All the examples I've seen online are using older versions of iOS and Objective-C, and I haven't been able to successfully translate them into Swift. Does iOS 8 provide some new frameworks for this sort of thing?

Hundley
  • 3,167
  • 3
  • 23
  • 45
  • You could start by looking at Apple's own examples. They might be in Objective-C, but the APIs have not changed. All of the vDSP_xx functions have a C API in any case, and realistically, the analysis part of your project will probably want to be written in C or C++ (this is, incidentally, the advice from Apple engineers at this year's WWDC for writing audio processing/render handlers). As for audio fingerprinting, this is a non-trivial problem and too board for SO. – marko Jun 20 '15 at 19:04
  • did you find anything ? – hoangpx Jan 11 '17 at 20:38

2 Answers2

16

AVAudioEngine is the way to go for this. From Apple's docs:

  • For playback and recording of a single track, use AVAudioPlayer and AVAudioRecorder.
  • For more complex audio processing, use AVAudioEngine. AVAudioEngine includes AVAudioInputNode and AVAudioOutputNode for audio input and output. You can also use AVAudioNode objects for processing and mixing effects into your audio

I'll be straight with you: AVAudioEngine is an extremely finicky API with vague documentation, rarely-helpful error messaging, and almost no online code examples demonstrating more than the most basic tasks. BUT if you take the time to get over the small learning curve, you can really do some magical things with it relatively easily.

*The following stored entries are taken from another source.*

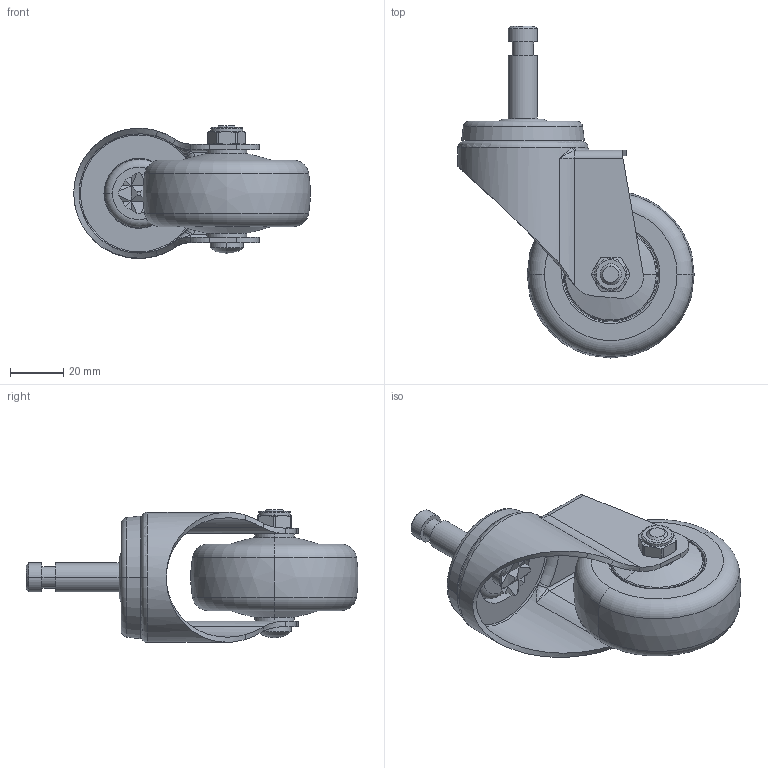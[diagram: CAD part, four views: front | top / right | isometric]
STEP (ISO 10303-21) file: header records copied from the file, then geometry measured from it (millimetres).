
FILE_DESCRIPTION((''),'2;1');
FILE_NAME('371525_ASM','2026-07-09T',('Lenovo'),(''),'PRO/ENGINEER BY PARAMETRIC TECHNOLOGY CORPORATION, 2010280','PRO/ENGINEER BY PARAMETRIC TECHNOLOGY CORPORATION, 2010280','');
FILE_SCHEMA(('CONFIG_CONTROL_DESIGN'));
Length unit declared in the file: millimetre
Products named in the file (8): 37125-311; 350-25; 360-03; 3725-977; 3725-69; 350-33A; 300-34; 371525_ASM
Assembly tree (8 placements, depth 2):
  371525_ASM
    37125-311
    350-25
    360-03
    3725-977
    3725-69  x2
    350-33A
    300-34
Bounding box: 88.98 x 124.93 x 49.96 mm (x, y, z)
Volume: 96572.8 mm3; surface area: 42949.6 mm2
Topology: 8 solids, 8 shells, 280 faces, 598 edges, 351 vertices
Faces by surface type: cylinder 89, plane 80, torus 58, cone 28, bspline 23, sphere 2
Entity records: 7961 total; most frequent: CARTESIAN_POINT 2275, DIRECTION 1266, ORIENTED_EDGE 1080, AXIS2_PLACEMENT_3D 547, EDGE_CURVE 540, VERTEX_POINT 319, CIRCLE 298, EDGE_LOOP 283

I've built a simple "playground" view controller that demonstrates both microphone and audio file sampling working in tandem:

import UIKit

class AudioEnginePlaygroundViewController: UIViewController {
    private var audioEngine: AVAudioEngine!
    private var mic: AVAudioInputNode!
    private var micTapped = false
    override func viewDidLoad() {
        super.viewDidLoad()
        configureAudioSession()
        audioEngine = AVAudioEngine()
        mic = audioEngine.inputNode!
    }

    static func getController() -> AudioEnginePlaygroundViewController {
        let me = AudioEnginePlaygroundViewController(nibName: "AudioEnginePlaygroundViewController", bundle: nil)
        return me
    }

    @IBAction func toggleMicTap(_ sender: Any) {
        if micTapped {
            mic.removeTap(onBus: 0)
            micTapped = false
            return
        }

        let micFormat = mic.inputFormat(forBus: 0)
        mic.installTap(onBus: 0, bufferSize: 2048, format: micFormat) { (buffer, when) in
            let sampleData = UnsafeBufferPointer(start: buffer.floatChannelData![0], count: Int(buffer.frameLength))
        }
        micTapped = true
        startEngine()
    }

    @IBAction func playAudioFile(_ sender: Any) {
        stopAudioPlayback()
        let playerNode = AVAudioPlayerNode()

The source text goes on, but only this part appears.